The magnificent Centenary sundial has been enhanced with a sculpture garden at its feet.

A year after the mosaic sundial on the west wall of the University Club was presented to UWA during Centenary celebrations, the project is complete with a cluster of mosaicked organic shapes and espalied mandarin trees, nestling in beds of white stones and gravel.

UWA graduate and Oscar winning artist Shaun Tan designed the installation in collaboration with long-time friend and supporter Susan Marie, Director of UWA Extension, and Helen Whitbread, landscape architect and Manager, Sustainable Initiatives.

The freeform shapes at one end evoke big smooth welcoming river stones, all three superbly cloaked in the same blue and gold Venetian glass tiles that make up the sundial. A gleaming golden egg sits alone at the other end of the small courtyard.

Susan said Shaun had never done any landscape designs so she and Helen came up with some ideas that would look as though the colour had dripped from the sundial onto the ground.

"We also wanted the installation to be friendly and accessible, so people feel comfortable to touch them and sit on them," Susan said, " I hope people will have wedding photos taken here."

"After Shaun completely revised the design, as artists do, it was over to mosaic artisan Iain Middleton again, for the very difficult job of covering rounded surfaces with the glass tiles."

Shaun wrote that the design was a response to the fairly spare and angular sandstone forms of the site, in which he wanted elements to break the tension of those lines with simple curved organic forms.

"The design also needed to relate to the large sundial above ... the vertical image carries a sense of air, light and celestial objects; something on the ground needed to be about the earth, solid mass and gravity," he wrote.

He said the gold egg had a suggestion of wisdom, which related to the University setting.

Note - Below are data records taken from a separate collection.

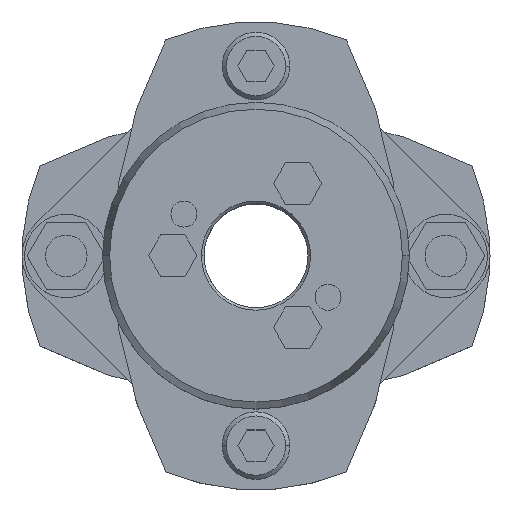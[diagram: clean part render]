
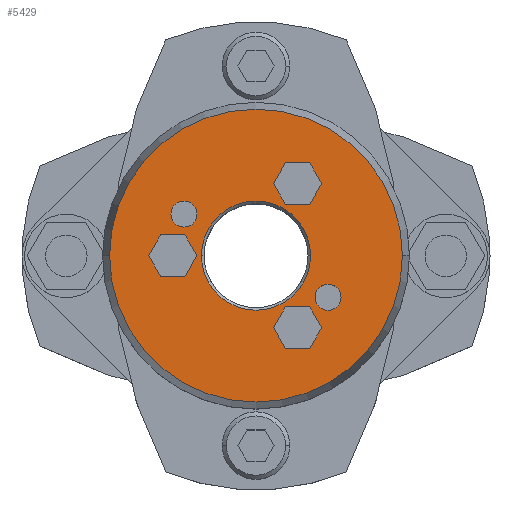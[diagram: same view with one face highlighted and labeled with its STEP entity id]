
A CAD part, top view. The second image highlights one B-rep face of the part: STEP entity #5429.
In plain terms, the highlighted planar face has unit normal (0, 0, 1).
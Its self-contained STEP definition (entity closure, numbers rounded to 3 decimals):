
#857=CARTESIAN_POINT('',(-10.5,0.,39.25));
#858=VERTEX_POINT('',#857);
#874=CARTESIAN_POINT('',(10.5,0.,39.25));
#875=VERTEX_POINT('',#874);
#882=CARTESIAN_POINT('',(0.,0.,39.25));
#883=DIRECTION('',(0.0,0.0,1.0));
#884=DIRECTION('',(-1.0,0.0,0.0));
#885=AXIS2_PLACEMENT_3D('',#882,#883,#884);
#886=CIRCLE('',#885,10.5);
#887=EDGE_CURVE('',#875,#858,#886,.T.);
#1045=CARTESIAN_POINT('',(28.16,0.,39.25));
#1046=VERTEX_POINT('',#1045);
#1053=CARTESIAN_POINT('',(-28.16,0.,39.25));
#1054=VERTEX_POINT('',#1053);
#1055=CARTESIAN_POINT('',(0.,0.,39.25));
#1056=DIRECTION('',(0.0,0.0,-1.0));
#1057=DIRECTION('',(1.0,0.0,0.0));
#1058=AXIS2_PLACEMENT_3D('',#1055,#1056,#1057);
#1059=CIRCLE('',#1058,28.16);
#1060=EDGE_CURVE('',#1046,#1054,#1059,.T.);
#1303=CARTESIAN_POINT('',(-16.356,8.,39.25));
#1304=VERTEX_POINT('',#1303);
#1320=CARTESIAN_POINT('',(-11.356,8.,39.25));
#1321=VERTEX_POINT('',#1320);
#1328=CARTESIAN_POINT('',(-13.856,8.,39.25));
#1329=DIRECTION('',(0.0,0.0,-1.0));
#1330=DIRECTION('',(-1.0,0.0,0.0));
#1331=AXIS2_PLACEMENT_3D('',#1328,#1329,#1330);
#1332=CIRCLE('',#1331,2.5);
#1333=EDGE_CURVE('',#1304,#1321,#1332,.T.);
#1345=CARTESIAN_POINT('',(11.356,-8.,39.25));
#1346=VERTEX_POINT('',#1345);
#1362=CARTESIAN_POINT('',(16.356,-8.,39.25));
#1363=VERTEX_POINT('',#1362);
#1370=CARTESIAN_POINT('',(13.856,-8.,39.25));
#1371=DIRECTION('',(0.0,0.0,-1.0));
#1372=DIRECTION('',(-1.0,0.0,0.0));
#1373=AXIS2_PLACEMENT_3D('',#1370,#1371,#1372);
#1374=CIRCLE('',#1373,2.5);
#1375=EDGE_CURVE('',#1346,#1363,#1374,.T.);
#3945=CARTESIAN_POINT('',(3.381,13.856,39.25));
#3946=VERTEX_POINT('',#3945);
#3953=CARTESIAN_POINT('',(5.691,9.856,39.25));
#3954=VERTEX_POINT('',#3953);
#3955=CARTESIAN_POINT('',(5.691,9.856,39.25));
#3956=DIRECTION('',(-0.5,0.866,0.0));
#3957=VECTOR('',#3956,4.619);
#3958=LINE('',#3955,#3957);
#3959=EDGE_CURVE('',#3954,#3946,#3958,.T.);
#3983=CARTESIAN_POINT('',(5.691,17.856,39.25));
#3984=VERTEX_POINT('',#3983);
#3991=CARTESIAN_POINT('',(3.381,13.856,39.25));
#3992=DIRECTION('',(0.5,0.866,0.0));
#3993=VECTOR('',#3992,4.619);
#3994=LINE('',#3991,#3993);
#3995=EDGE_CURVE('',#3946,#3984,#3994,.T.);
#4014=CARTESIAN_POINT('',(10.309,17.856,39.25));
#4015=VERTEX_POINT('',#4014);
#4022=CARTESIAN_POINT('',(5.691,17.856,39.25));
#4023=DIRECTION('',(1.0,0.0,0.0));
#4024=VECTOR('',#4023,4.619);
#4025=LINE('',#4022,#4024);
#4026=EDGE_CURVE('',#3984,#4015,#4025,.T.);
#4045=CARTESIAN_POINT('',(12.619,13.856,39.25));
#4046=VERTEX_POINT('',#4045);
#4053=CARTESIAN_POINT('',(10.309,17.856,39.25));
#4054=DIRECTION('',(0.5,-0.866,0.0));
#4055=VECTOR('',#4054,4.619);
#4056=LINE('',#4053,#4055);
#4057=EDGE_CURVE('',#4015,#4046,#4056,.T.);
#4076=CARTESIAN_POINT('',(10.309,9.856,39.25));
#4077=VERTEX_POINT('',#4076);
#4084=CARTESIAN_POINT('',(12.619,13.856,39.25));
#4085=DIRECTION('',(-0.5,-0.866,0.0));
#4086=VECTOR('',#4085,4.619);
#4087=LINE('',#4084,#4086);
#4088=EDGE_CURVE('',#4046,#4077,#4087,.T.);
#4106=CARTESIAN_POINT('',(10.309,9.856,39.25));
#4107=DIRECTION('',(-1.0,0.0,0.0));
#4108=VECTOR('',#4107,4.619);
#4109=LINE('',#4106,#4108);
#4110=EDGE_CURVE('',#4077,#3954,#4109,.T.);
#4145=CARTESIAN_POINT('',(-20.619,0.,39.25));
#4146=VERTEX_POINT('',#4145);
#4153=CARTESIAN_POINT('',(-18.309,-4.,39.25));
#4154=VERTEX_POINT('',#4153);
#4155=CARTESIAN_POINT('',(-18.309,-4.,39.25));
#4156=DIRECTION('',(-0.5,0.866,0.0));
#4157=VECTOR('',#4156,4.619);
#4158=LINE('',#4155,#4157);
#4159=EDGE_CURVE('',#4154,#4146,#4158,.T.);
#4183=CARTESIAN_POINT('',(-18.309,4.,39.25));
#4184=VERTEX_POINT('',#4183);
#4191=CARTESIAN_POINT('',(-20.619,0.,39.25));
#4192=DIRECTION('',(0.5,0.866,0.0));
#4193=VECTOR('',#4192,4.619);
#4194=LINE('',#4191,#4193);
#4195=EDGE_CURVE('',#4146,#4184,#4194,.T.);
#4214=CARTESIAN_POINT('',(-13.691,4.,39.25));
#4215=VERTEX_POINT('',#4214);
#4222=CARTESIAN_POINT('',(-18.309,4.,39.25));
#4223=DIRECTION('',(1.0,0.0,0.0));
#4224=VECTOR('',#4223,4.619);
#4225=LINE('',#4222,#4224);
#4226=EDGE_CURVE('',#4184,#4215,#4225,.T.);
#4245=CARTESIAN_POINT('',(-11.381,0.,39.25));
#4246=VERTEX_POINT('',#4245);
#4253=CARTESIAN_POINT('',(-13.691,4.,39.25));
#4254=DIRECTION('',(0.5,-0.866,0.0));
#4255=VECTOR('',#4254,4.619);
#4256=LINE('',#4253,#4255);
#4257=EDGE_CURVE('',#4215,#4246,#4256,.T.);
#4276=CARTESIAN_POINT('',(-13.691,-4.,39.25));
#4277=VERTEX_POINT('',#4276);
#4284=CARTESIAN_POINT('',(-11.381,0.,39.25));
#4285=DIRECTION('',(-0.5,-0.866,0.0));
#4286=VECTOR('',#4285,4.619);
#4287=LINE('',#4284,#4286);
#4288=EDGE_CURVE('',#4246,#4277,#4287,.T.);
#4306=CARTESIAN_POINT('',(-13.691,-4.,39.25));
#4307=DIRECTION('',(-1.0,0.0,0.0));
#4308=VECTOR('',#4307,4.619);
#4309=LINE('',#4306,#4308);
#4310=EDGE_CURVE('',#4277,#4154,#4309,.T.);
#4345=CARTESIAN_POINT('',(3.381,-13.856,39.25));
#4346=VERTEX_POINT('',#4345);
#4353=CARTESIAN_POINT('',(5.691,-17.856,39.25));
#4354=VERTEX_POINT('',#4353);
#4355=CARTESIAN_POINT('',(5.691,-17.856,39.25));
#4356=DIRECTION('',(-0.5,0.866,0.0));
#4357=VECTOR('',#4356,4.619);
#4358=LINE('',#4355,#4357);
#4359=EDGE_CURVE('',#4354,#4346,#4358,.T.);
#4383=CARTESIAN_POINT('',(5.691,-9.856,39.25));
#4384=VERTEX_POINT('',#4383);
#4391=CARTESIAN_POINT('',(3.381,-13.856,39.25));
#4392=DIRECTION('',(0.5,0.866,0.0));
#4393=VECTOR('',#4392,4.619);
#4394=LINE('',#4391,#4393);
#4395=EDGE_CURVE('',#4346,#4384,#4394,.T.);
#4414=CARTESIAN_POINT('',(10.309,-9.856,39.25));
#4415=VERTEX_POINT('',#4414);
#4422=CARTESIAN_POINT('',(5.691,-9.856,39.25));
#4423=DIRECTION('',(1.0,0.0,0.0));
#4424=VECTOR('',#4423,4.619);
#4425=LINE('',#4422,#4424);
#4426=EDGE_CURVE('',#4384,#4415,#4425,.T.);
#4445=CARTESIAN_POINT('',(12.619,-13.856,39.25));
#4446=VERTEX_POINT('',#4445);
#4453=CARTESIAN_POINT('',(10.309,-9.856,39.25));
#4454=DIRECTION('',(0.5,-0.866,0.0));
#4455=VECTOR('',#4454,4.619);
#4456=LINE('',#4453,#4455);
#4457=EDGE_CURVE('',#4415,#4446,#4456,.T.);
#4476=CARTESIAN_POINT('',(10.309,-17.856,39.25));
#4477=VERTEX_POINT('',#4476);
#4484=CARTESIAN_POINT('',(12.619,-13.856,39.25));
#4485=DIRECTION('',(-0.5,-0.866,0.0));
#4486=VECTOR('',#4485,4.619);
#4487=LINE('',#4484,#4486);
#4488=EDGE_CURVE('',#4446,#4477,#4487,.T.);
#4506=CARTESIAN_POINT('',(10.309,-17.856,39.25));
#4507=DIRECTION('',(-1.0,0.0,0.0));
#4508=VECTOR('',#4507,4.619);
#4509=LINE('',#4506,#4508);
#4510=EDGE_CURVE('',#4477,#4354,#4509,.T.);
#4536=CARTESIAN_POINT('',(13.856,-8.,39.25));
#4537=DIRECTION('',(0.0,0.0,-1.0));
#4538=DIRECTION('',(-1.0,0.0,0.0));
#4539=AXIS2_PLACEMENT_3D('',#4536,#4537,#4538);
#4540=CIRCLE('',#4539,2.5);
#4541=EDGE_CURVE('',#1363,#1346,#4540,.T.);
#4570=CARTESIAN_POINT('',(-13.856,8.,39.25));
#4571=DIRECTION('',(0.0,0.0,-1.0));
#4572=DIRECTION('',(-1.0,0.0,0.0));
#4573=AXIS2_PLACEMENT_3D('',#4570,#4571,#4572);
#4574=CIRCLE('',#4573,2.5);
#4575=EDGE_CURVE('',#1321,#1304,#4574,.T.);
#5368=CARTESIAN_POINT('',(0.,0.,39.25));
#5369=DIRECTION('',(0.0,0.0,-1.0));
#5370=DIRECTION('',(1.0,0.0,0.0));
#5371=AXIS2_PLACEMENT_3D('',#5368,#5369,#5370);
#5372=CIRCLE('',#5371,28.16);
#5373=EDGE_CURVE('',#1054,#1046,#5372,.T.);
#5378=CARTESIAN_POINT('',(-2.682,0.,39.25));
#5379=DIRECTION('',(0.0,0.0,1.0));
#5380=DIRECTION('',(-1.0,0.0,0.0));
#5381=AXIS2_PLACEMENT_3D('',#5378,#5379,#5380);
#5382=PLANE('',#5381);
#5383=ORIENTED_EDGE('',*,*,#5373,.F.);
#5384=ORIENTED_EDGE('',*,*,#1060,.F.);
#5385=EDGE_LOOP('',(#5383,#5384));
#5386=FACE_OUTER_BOUND('',#5385,.T.);
#5387=ORIENTED_EDGE('',*,*,#3959,.T.);
#5388=ORIENTED_EDGE('',*,*,#3995,.T.);
#5389=ORIENTED_EDGE('',*,*,#4026,.T.);
#5390=ORIENTED_EDGE('',*,*,#4057,.T.);
#5391=ORIENTED_EDGE('',*,*,#4088,.T.);
#5392=ORIENTED_EDGE('',*,*,#4110,.T.);
#5393=EDGE_LOOP('',(#5387,#5388,#5389,#5390,#5391,#5392));
#5394=FACE_BOUND('',#5393,.T.);
#5395=ORIENTED_EDGE('',*,*,#4159,.T.);
#5396=ORIENTED_EDGE('',*,*,#4195,.T.);
#5397=ORIENTED_EDGE('',*,*,#4226,.T.);
#5398=ORIENTED_EDGE('',*,*,#4257,.T.);
#5399=ORIENTED_EDGE('',*,*,#4288,.T.);
#5400=ORIENTED_EDGE('',*,*,#4310,.T.);
#5401=EDGE_LOOP('',(#5395,#5396,#5397,#5398,#5399,#5400));
#5402=FACE_BOUND('',#5401,.T.);
#5403=ORIENTED_EDGE('',*,*,#4359,.T.);
#5404=ORIENTED_EDGE('',*,*,#4395,.T.);
#5405=ORIENTED_EDGE('',*,*,#4426,.T.);
#5406=ORIENTED_EDGE('',*,*,#4457,.T.);
#5407=ORIENTED_EDGE('',*,*,#4488,.T.);
#5408=ORIENTED_EDGE('',*,*,#4510,.T.);
#5409=EDGE_LOOP('',(#5403,#5404,#5405,#5406,#5407,#5408));
#5410=FACE_BOUND('',#5409,.T.);
#5411=ORIENTED_EDGE('',*,*,#1375,.T.);
#5412=ORIENTED_EDGE('',*,*,#4541,.T.);
#5413=EDGE_LOOP('',(#5411,#5412));
#5414=FACE_BOUND('',#5413,.T.);
#5415=ORIENTED_EDGE('',*,*,#1333,.T.);
#5416=ORIENTED_EDGE('',*,*,#4575,.T.);
#5417=EDGE_LOOP('',(#5415,#5416));
#5418=FACE_BOUND('',#5417,.T.);
#5419=ORIENTED_EDGE('',*,*,#887,.F.);
#5420=CARTESIAN_POINT('',(0.,0.,39.25));
#5421=DIRECTION('',(0.0,0.0,1.0));
#5422=DIRECTION('',(-1.0,0.0,0.0));
#5423=AXIS2_PLACEMENT_3D('',#5420,#5421,#5422);
#5424=CIRCLE('',#5423,10.5);
#5425=EDGE_CURVE('',#858,#875,#5424,.T.);
#5426=ORIENTED_EDGE('',*,*,#5425,.F.);
#5427=EDGE_LOOP('',(#5419,#5426));
#5428=FACE_BOUND('',#5427,.T.);
#5429=ADVANCED_FACE('',(#5386,#5394,#5402,#5410,#5414,#5418,#5428),#5382,.T.);

"The extrusion of three-dimensional forms out of a two-dimensional image, as if having fallen out, is interesting and playful. I do hope that it's a space that invites active casual use and also acts as a campus landmark.

"Hopefully people will say ‘meet you at the gold egg'," he wrote.

The whole project was funded by corporate sponsor, Hawaiian, as well as Convocation, Combined Friends and Friends of LWAG, and Susan is delighted with the outcome.

"I think we should create a Gross National Happiness index like the Bhutanese, and rate things that just make us happy.  This would certainly be one of them," she said.